Quando se fala em mídia e comunicação, não demora muito para que alguém comente, normalmente em tom elogioso, sobre a tal da imparcialidade. “É um veículo imparcial” funciona como elogio padrão quando não se tem nada mais pessoalizado a dizer. De minha parte, penso que as pessoas que se sentem confortáveis com essa ideia são ou ingênuas ou mal intencionadas (e é por otimismo que creio na ingenuidade).
Se o objetivo de um jornal é informar, não é de qualquer modo que as informações são registradas, editadas e divulgadas. A parcialidade se inicia já na seleção do que vai ou não ser noticiado, afinal, não se pode dar conta do todo. No momento em que uma notícia é escolhida em detrimento de outra, se toma partido. No momento em que sete parágrafos são dedicados a determinado ponto de vista e apenas três parágrafos a outro, se toma partido. No momento em que a sintaxe da frase é trabalhada para que uma informação fique no início, com mais destaque, ou para que certos elementos sejam suprimidos, se toma partido. E estes são exemplos que saltam aos olhos, mas há uma infinidade de estratégias mais sutis que podem ser utilizadas para que a informação apareça do jeito que convém a nós – ou à editoria, ou ao patrocínio…
Tomar partido não é uma atitude necessariamente criticável, até mesmo porque esta é nossa condição: não há como se relacionar com a língua se não for de modo parcial. No momento em que falamos, escrevemos ou nos valemos de qualquer forma de comunicação, assumimos um lado – e, por mais inconveniente que seja admitir, a opção por nenhum dos lados também é uma opção parcial. Não existe neutralidade, porque falamos de um certo lugar, com certas convicções, certos interesses, certas prioridades.

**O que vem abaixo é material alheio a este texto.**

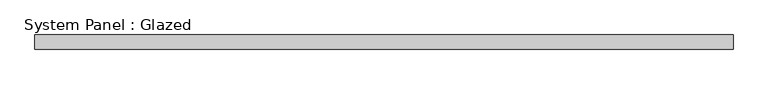
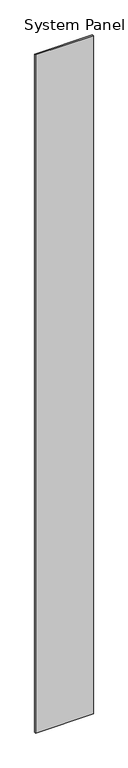
"""IFC4 building model written with IfcOpenShell, lengths in millimetres: plate geometry, System Panel : Glazed."""

from ifc_helpers import new_model, si_unit, origin, origin_with_axes, place, context, project, spatial, polyline, outline, extrude, source, transform, mapped, element, save


def system_panel_glazed_d00c2bb3(model_context):
    return source(origin(), model_context, "Body", "SweptSolid", [
        extrude(outline(polyline([(609.5367635, 19.05), (-609.5367635, 19.05), (-609.5367635, 44.45), (609.5367635, 44.45), (609.5367635, 19.05)])), origin_with_axes(), (0.0, 0.0, 1.0), 15087.6),
    ])


if __name__ == "__main__":
    model = new_model("IFC4")
    model_context = context("Model", 3, world=origin())
    ifc_project = project(units=[si_unit("LENGTHUNIT", "METRE", prefix="MILLI")], contexts=[model_context])
    site = spatial("IfcSite", under=ifc_project)
    building = spatial("IfcBuilding", under=site)
    placement = place(None, origin())
    system_panel_glazed_shape = system_panel_glazed_d00c2bb3(model_context)
    element("IfcPlate", 1, ObjectType="System Panel : Glazed", at=placement, inside=building, context=model_context, shape_type="MappedRepresentation", body=[
        mapped(system_panel_glazed_shape, transform((0.0, 0.0, 0.0), x_axis=(1.0, 0.0, 0.0), y_axis=(0.0, 1.0, 0.0), z_axis=(0.0, 0.0, 1.0))),
    ])
    save(model, "model.ifc")

# Revit data of these elements
# Type "System Panel : Glazed"
#   Construction Type Id = "GSP4R"
#   Analytic Construction = "1/8 in Pilkington single glazing"
#   Visual Light Transmittance = 0.9
#   Solar Heat Gain Coefficient = 0.86
#   Heat Transfer Coefficient (U) = 1.18115 BTU/(h·ft²·°F)
#   Define Thermal Properties by = 1
# Element 1 (IfcPlate, "System Panel : Glazed")
#   Materials on its faces: "Glass"
# Materials
#   "Glass": class "Glass", colour RGB 0 128 192, transparency 0.75, Description = "Soda Lime Glass", Cost = 0

O tempo todo somos sujeitos com nossas particularidades e não conseguimos nos desvencilhar delas para fazer o que quer que seja. Para escrever, muito menos.
Criticável, sim, é a pretensão de neutralidade e imparcialidade que permeia certos discursos. Quando defendemos nossa postura como imparcial, colocamos nossa fala num lugar de verdade que não nos pertence – não pertence a ninguém, acredito; na maioria das vezes, ao invés de verdades e mentiras, o que existem são pontos de vista. E um lugar de verdade neutro e imparcial dispõe de tanta legitimidade que é difícil contestá-lo. Um exemplo disso é a pressa com que pessoas autodeclaradas imparciais tentam legitimar seus argumentos com “não sou filiada a nenhum partido político” ou “não tenho interesse ideológico nenhum”. As pessoas podem até não ser filiadas, mas as ideias que elas propagam certamente têm filiação tanto histórica quanto ideológica: vêm de certo lugar e servem a certos interesses. Não reconhecer isso, insisto, é sinal de ingenuidade ou de más intenções.
É por acreditar nisso que desconfio de tudo que se vende como neutro, imparcial, desprovido de interesses. É por acreditar nisso que faço questão de esclarecer que minha escrita não pretende esconder meus posicionamentos nem minhas ideologias, muito pelo contrário: é justamente em busca de uma interlocução para eles que escrevo. Eu poderia finalizar com uma autodescrição de adjetivos que ajudassem a situar esses posicionamentos, mas creio ser mais produtivo deixar que as próximas colunas demonstrem de que lado estou jogando (e convidando quem me lê para jogar comigo). Imparcial, sabemos, ninguém consegue ser. Pelo menos aqui, sem más intenções, a parcialidade é orgulhosamente assumida.